Data:

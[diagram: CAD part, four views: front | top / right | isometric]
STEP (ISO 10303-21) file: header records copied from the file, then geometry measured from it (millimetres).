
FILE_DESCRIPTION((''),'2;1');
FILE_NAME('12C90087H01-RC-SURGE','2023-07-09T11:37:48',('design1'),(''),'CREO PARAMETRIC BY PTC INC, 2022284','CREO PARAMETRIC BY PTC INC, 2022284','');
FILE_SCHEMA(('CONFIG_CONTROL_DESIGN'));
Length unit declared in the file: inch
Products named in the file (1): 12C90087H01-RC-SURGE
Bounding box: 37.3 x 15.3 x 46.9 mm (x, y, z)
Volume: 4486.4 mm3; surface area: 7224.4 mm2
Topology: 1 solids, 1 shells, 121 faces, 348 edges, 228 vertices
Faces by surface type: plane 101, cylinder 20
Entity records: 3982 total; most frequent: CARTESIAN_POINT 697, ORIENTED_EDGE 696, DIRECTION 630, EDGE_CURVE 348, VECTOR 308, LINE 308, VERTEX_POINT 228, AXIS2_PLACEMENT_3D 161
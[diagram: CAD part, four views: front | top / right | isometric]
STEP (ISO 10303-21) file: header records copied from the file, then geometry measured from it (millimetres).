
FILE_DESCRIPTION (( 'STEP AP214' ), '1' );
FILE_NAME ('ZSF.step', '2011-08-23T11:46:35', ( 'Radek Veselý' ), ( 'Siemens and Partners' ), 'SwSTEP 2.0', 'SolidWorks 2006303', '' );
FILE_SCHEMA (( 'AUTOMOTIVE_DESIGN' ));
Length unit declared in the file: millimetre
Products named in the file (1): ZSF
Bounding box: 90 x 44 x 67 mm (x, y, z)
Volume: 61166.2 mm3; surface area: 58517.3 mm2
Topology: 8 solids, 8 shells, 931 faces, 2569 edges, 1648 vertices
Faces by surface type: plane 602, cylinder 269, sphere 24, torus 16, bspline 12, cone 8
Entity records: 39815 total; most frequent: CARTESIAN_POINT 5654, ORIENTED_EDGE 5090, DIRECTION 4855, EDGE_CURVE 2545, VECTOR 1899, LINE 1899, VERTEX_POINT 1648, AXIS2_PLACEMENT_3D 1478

Exercise prompt:
Everything in the material above is to be copied exactly.

Exercise solution:
[diagram: CAD part, four views: front | top / right | isometric]
STEP (ISO 10303-21) file: header records copied from the file, then geometry measured from it (millimetres).
FILE_DESCRIPTION((''),'2;1');
FILE_NAME('12C90087H01-RC-SURGE','2023-07-09T11:37:48',('design1'),(''),'CREO PARAMETRIC BY PTC INC, 2022284','CREO PARAMETRIC BY PTC INC, 2022284','');
FILE_SCHEMA(('CONFIG_CONTROL_DESIGN'));
Length unit declared in the file: inch
Products named in the file (1): 12C90087H01-RC-SURGE
Bounding box: 37.3 x 15.3 x 46.9 mm (x, y, z)
Volume: 4486.4 mm3; surface area: 7224.4 mm2
Topology: 1 solids, 1 shells, 121 faces, 348 edges, 228 vertices
Faces by surface type: plane 101, cylinder 20
Entity records: 3982 total; most frequent: CARTESIAN_POINT 697, ORIENTED_EDGE 696, DIRECTION 630, EDGE_CURVE 348, VECTOR 308, LINE 308, VERTEX_POINT 228, AXIS2_PLACEMENT_3D 161
[diagram: CAD part, four views: front | top / right | isometric]
STEP (ISO 10303-21) file: header records copied from the file, then geometry measured from it (millimetres).
FILE_DESCRIPTION (( 'STEP AP214' ), '1' );
FILE_NAME ('ZSF.step', '2011-08-23T11:46:35', ( 'Radek Veselý' ), ( 'Siemens and Partners' ), 'SwSTEP 2.0', 'SolidWorks 2006303', '' );
FILE_SCHEMA (( 'AUTOMOTIVE_DESIGN' ));
Length unit declared in the file: millimetre
Products named in the file (1): ZSF
Bounding box: 90 x 44 x 67 mm (x, y, z)
Volume: 61166.2 mm3; surface area: 58517.3 mm2
Topology: 8 solids, 8 shells, 931 faces, 2569 edges, 1648 vertices
Faces by surface type: plane 602, cylinder 269, sphere 24, torus 16, bspline 12, cone 8
Entity records: 39815 total; most frequent: CARTESIAN_POINT 5654, ORIENTED_EDGE 5090, DIRECTION 4855, EDGE_CURVE 2545, VECTOR 1899, LINE 1899, VERTEX_POINT 1648, AXIS2_PLACEMENT_3D 1478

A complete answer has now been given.